▶ Work task: Show, in full, each line of the data that contains "ezdxf".

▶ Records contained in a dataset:

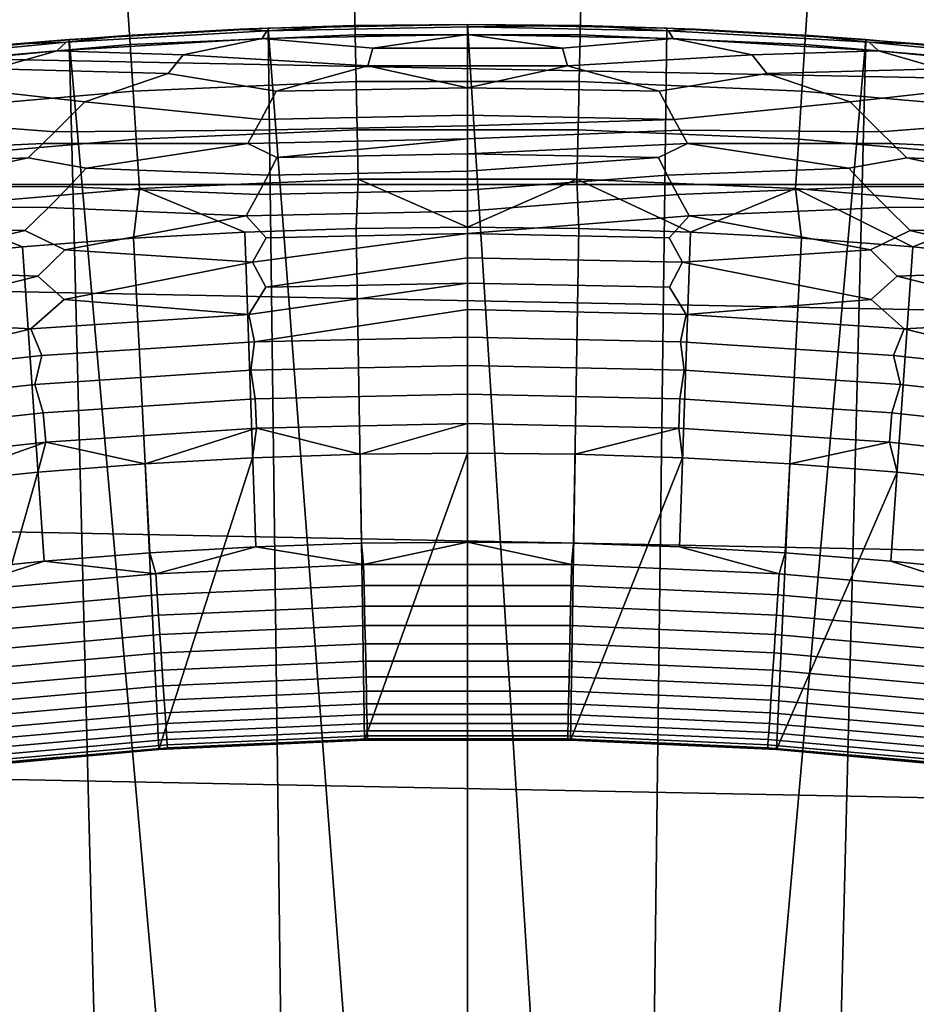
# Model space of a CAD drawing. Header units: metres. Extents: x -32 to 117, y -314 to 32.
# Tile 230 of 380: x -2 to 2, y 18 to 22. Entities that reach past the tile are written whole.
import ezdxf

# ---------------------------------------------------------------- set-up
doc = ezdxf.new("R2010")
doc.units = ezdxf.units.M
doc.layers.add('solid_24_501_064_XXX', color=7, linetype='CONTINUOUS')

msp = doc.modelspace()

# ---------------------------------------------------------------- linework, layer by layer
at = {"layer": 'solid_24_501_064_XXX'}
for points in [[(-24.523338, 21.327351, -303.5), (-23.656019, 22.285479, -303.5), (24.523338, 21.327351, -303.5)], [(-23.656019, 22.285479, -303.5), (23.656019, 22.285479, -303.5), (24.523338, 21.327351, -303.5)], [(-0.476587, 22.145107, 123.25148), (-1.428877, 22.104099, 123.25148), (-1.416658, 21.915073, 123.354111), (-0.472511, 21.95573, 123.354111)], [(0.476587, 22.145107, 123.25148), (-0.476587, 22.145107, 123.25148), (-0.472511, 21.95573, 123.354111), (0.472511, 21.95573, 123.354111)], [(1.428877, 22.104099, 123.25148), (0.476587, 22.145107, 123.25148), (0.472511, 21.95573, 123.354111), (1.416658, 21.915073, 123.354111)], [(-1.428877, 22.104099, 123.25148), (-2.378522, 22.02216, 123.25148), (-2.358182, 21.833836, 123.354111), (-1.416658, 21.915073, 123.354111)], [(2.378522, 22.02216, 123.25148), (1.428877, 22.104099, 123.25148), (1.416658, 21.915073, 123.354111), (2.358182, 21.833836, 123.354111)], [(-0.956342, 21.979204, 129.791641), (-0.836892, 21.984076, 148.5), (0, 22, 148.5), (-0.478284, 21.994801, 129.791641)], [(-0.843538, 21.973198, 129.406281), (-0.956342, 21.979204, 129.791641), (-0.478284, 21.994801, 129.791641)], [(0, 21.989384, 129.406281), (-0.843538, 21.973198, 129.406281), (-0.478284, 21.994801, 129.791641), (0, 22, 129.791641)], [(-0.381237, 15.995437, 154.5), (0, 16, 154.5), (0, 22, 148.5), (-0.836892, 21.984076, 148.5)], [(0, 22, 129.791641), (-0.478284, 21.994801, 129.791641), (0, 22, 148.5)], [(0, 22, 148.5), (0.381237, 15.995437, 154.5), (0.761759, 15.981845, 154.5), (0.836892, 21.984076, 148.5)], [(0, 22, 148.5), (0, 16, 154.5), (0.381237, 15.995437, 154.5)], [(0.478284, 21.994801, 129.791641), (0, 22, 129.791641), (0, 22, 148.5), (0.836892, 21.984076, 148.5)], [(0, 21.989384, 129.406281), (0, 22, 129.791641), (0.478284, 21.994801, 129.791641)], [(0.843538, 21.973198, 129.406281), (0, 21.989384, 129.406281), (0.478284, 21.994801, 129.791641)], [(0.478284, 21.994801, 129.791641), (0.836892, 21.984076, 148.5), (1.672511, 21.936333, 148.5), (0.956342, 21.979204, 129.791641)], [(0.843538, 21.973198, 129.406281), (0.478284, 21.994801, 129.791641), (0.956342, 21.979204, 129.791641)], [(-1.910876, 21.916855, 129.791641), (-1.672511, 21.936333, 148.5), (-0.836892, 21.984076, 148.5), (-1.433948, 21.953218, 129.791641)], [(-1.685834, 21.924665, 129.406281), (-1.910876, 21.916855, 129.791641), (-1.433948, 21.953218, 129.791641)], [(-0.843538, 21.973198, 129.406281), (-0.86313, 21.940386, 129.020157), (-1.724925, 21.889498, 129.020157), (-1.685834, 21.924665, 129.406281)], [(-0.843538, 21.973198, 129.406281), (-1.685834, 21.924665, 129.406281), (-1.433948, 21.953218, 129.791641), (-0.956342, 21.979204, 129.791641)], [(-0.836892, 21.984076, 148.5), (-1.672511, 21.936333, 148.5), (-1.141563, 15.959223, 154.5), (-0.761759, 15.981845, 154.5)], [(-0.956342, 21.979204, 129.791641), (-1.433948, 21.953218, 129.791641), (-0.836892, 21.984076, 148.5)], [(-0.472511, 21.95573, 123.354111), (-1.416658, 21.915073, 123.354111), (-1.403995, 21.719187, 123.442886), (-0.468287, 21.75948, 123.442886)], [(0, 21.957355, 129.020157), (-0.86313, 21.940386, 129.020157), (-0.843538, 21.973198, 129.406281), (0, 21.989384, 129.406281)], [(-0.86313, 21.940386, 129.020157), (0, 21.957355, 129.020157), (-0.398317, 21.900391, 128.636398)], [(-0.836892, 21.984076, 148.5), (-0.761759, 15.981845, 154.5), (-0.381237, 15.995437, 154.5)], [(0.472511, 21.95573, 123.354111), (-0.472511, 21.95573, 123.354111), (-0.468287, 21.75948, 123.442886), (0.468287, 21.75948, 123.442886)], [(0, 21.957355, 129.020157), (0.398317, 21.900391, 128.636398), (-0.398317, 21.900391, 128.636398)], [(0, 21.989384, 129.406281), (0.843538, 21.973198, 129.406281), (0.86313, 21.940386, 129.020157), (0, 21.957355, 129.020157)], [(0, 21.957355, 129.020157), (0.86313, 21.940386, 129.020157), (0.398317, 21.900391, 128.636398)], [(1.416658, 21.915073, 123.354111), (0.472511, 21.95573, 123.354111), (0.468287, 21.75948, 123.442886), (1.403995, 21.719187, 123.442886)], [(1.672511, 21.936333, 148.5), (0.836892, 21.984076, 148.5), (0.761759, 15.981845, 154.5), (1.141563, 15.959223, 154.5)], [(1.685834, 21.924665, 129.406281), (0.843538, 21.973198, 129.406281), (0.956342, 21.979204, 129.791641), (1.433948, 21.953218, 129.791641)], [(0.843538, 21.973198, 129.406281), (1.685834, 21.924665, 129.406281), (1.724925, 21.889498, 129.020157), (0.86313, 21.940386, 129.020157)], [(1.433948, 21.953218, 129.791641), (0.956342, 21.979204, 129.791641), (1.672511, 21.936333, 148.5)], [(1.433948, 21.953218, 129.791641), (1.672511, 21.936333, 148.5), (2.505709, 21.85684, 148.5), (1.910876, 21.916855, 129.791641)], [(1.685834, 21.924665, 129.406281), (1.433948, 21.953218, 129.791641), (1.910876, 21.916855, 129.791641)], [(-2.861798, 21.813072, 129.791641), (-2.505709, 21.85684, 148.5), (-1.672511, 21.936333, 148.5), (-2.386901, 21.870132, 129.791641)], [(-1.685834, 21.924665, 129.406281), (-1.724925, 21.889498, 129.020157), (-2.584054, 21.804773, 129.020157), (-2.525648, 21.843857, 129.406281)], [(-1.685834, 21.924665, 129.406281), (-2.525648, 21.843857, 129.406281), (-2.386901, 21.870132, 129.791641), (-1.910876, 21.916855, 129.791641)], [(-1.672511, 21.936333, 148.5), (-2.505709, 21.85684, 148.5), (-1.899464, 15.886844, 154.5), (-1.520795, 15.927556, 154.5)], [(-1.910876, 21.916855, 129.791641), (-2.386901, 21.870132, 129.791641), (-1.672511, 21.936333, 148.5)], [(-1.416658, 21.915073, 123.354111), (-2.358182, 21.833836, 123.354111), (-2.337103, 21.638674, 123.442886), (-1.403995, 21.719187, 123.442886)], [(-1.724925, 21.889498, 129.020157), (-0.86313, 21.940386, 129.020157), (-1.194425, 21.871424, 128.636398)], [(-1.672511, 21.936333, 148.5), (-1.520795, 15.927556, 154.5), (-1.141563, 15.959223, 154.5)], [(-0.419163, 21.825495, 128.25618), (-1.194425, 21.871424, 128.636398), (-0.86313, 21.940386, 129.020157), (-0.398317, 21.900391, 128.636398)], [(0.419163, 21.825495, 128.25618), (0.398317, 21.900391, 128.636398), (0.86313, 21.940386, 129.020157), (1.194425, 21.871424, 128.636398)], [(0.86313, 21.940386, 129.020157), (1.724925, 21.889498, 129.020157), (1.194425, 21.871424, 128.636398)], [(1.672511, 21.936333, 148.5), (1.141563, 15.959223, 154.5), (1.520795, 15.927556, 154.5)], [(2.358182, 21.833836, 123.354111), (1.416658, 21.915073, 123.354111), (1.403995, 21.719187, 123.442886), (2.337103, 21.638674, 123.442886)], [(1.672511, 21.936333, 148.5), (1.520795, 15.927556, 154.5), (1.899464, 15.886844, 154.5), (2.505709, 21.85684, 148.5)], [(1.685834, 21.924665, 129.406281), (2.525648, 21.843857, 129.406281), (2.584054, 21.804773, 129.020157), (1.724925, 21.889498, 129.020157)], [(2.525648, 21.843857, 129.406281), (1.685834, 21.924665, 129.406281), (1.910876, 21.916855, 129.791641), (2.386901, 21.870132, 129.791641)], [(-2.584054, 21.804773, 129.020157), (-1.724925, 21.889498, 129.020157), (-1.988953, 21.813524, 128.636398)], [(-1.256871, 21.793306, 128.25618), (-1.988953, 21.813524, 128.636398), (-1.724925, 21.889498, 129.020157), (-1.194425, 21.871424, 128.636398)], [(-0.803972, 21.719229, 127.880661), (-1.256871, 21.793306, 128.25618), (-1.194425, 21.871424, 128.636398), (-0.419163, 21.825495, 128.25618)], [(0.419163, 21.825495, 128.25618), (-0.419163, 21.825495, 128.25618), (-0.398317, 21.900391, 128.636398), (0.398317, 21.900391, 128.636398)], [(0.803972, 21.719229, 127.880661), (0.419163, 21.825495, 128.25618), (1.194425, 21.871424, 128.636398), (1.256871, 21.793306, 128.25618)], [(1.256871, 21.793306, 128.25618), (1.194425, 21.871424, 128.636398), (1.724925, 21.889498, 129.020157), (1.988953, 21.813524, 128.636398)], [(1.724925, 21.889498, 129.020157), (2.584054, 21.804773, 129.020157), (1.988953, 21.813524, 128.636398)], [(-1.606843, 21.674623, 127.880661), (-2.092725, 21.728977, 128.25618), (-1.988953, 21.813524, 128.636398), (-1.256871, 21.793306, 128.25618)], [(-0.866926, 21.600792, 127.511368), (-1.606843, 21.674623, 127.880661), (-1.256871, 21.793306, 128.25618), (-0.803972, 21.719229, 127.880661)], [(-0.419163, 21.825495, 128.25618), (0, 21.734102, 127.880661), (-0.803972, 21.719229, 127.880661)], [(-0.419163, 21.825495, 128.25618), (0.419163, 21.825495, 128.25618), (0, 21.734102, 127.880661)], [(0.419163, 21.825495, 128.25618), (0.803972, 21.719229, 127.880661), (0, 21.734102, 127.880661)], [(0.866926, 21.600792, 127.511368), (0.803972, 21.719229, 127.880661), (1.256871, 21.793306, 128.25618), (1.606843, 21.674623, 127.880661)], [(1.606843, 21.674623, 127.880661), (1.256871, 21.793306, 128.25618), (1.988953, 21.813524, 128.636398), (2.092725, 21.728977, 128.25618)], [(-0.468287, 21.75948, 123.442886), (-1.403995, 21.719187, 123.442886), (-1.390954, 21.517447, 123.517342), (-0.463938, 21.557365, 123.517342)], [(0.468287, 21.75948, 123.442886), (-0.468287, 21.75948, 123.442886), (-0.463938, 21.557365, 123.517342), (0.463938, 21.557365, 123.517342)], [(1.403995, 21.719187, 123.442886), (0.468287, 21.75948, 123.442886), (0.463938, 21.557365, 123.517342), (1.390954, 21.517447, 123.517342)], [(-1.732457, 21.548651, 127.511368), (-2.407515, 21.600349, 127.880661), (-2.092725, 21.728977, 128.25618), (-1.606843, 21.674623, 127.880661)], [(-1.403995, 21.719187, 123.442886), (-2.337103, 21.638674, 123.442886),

▶ Output below:
import ezdxf
doc = ezdxf.new("R2010")
doc.units = ezdxf.units.M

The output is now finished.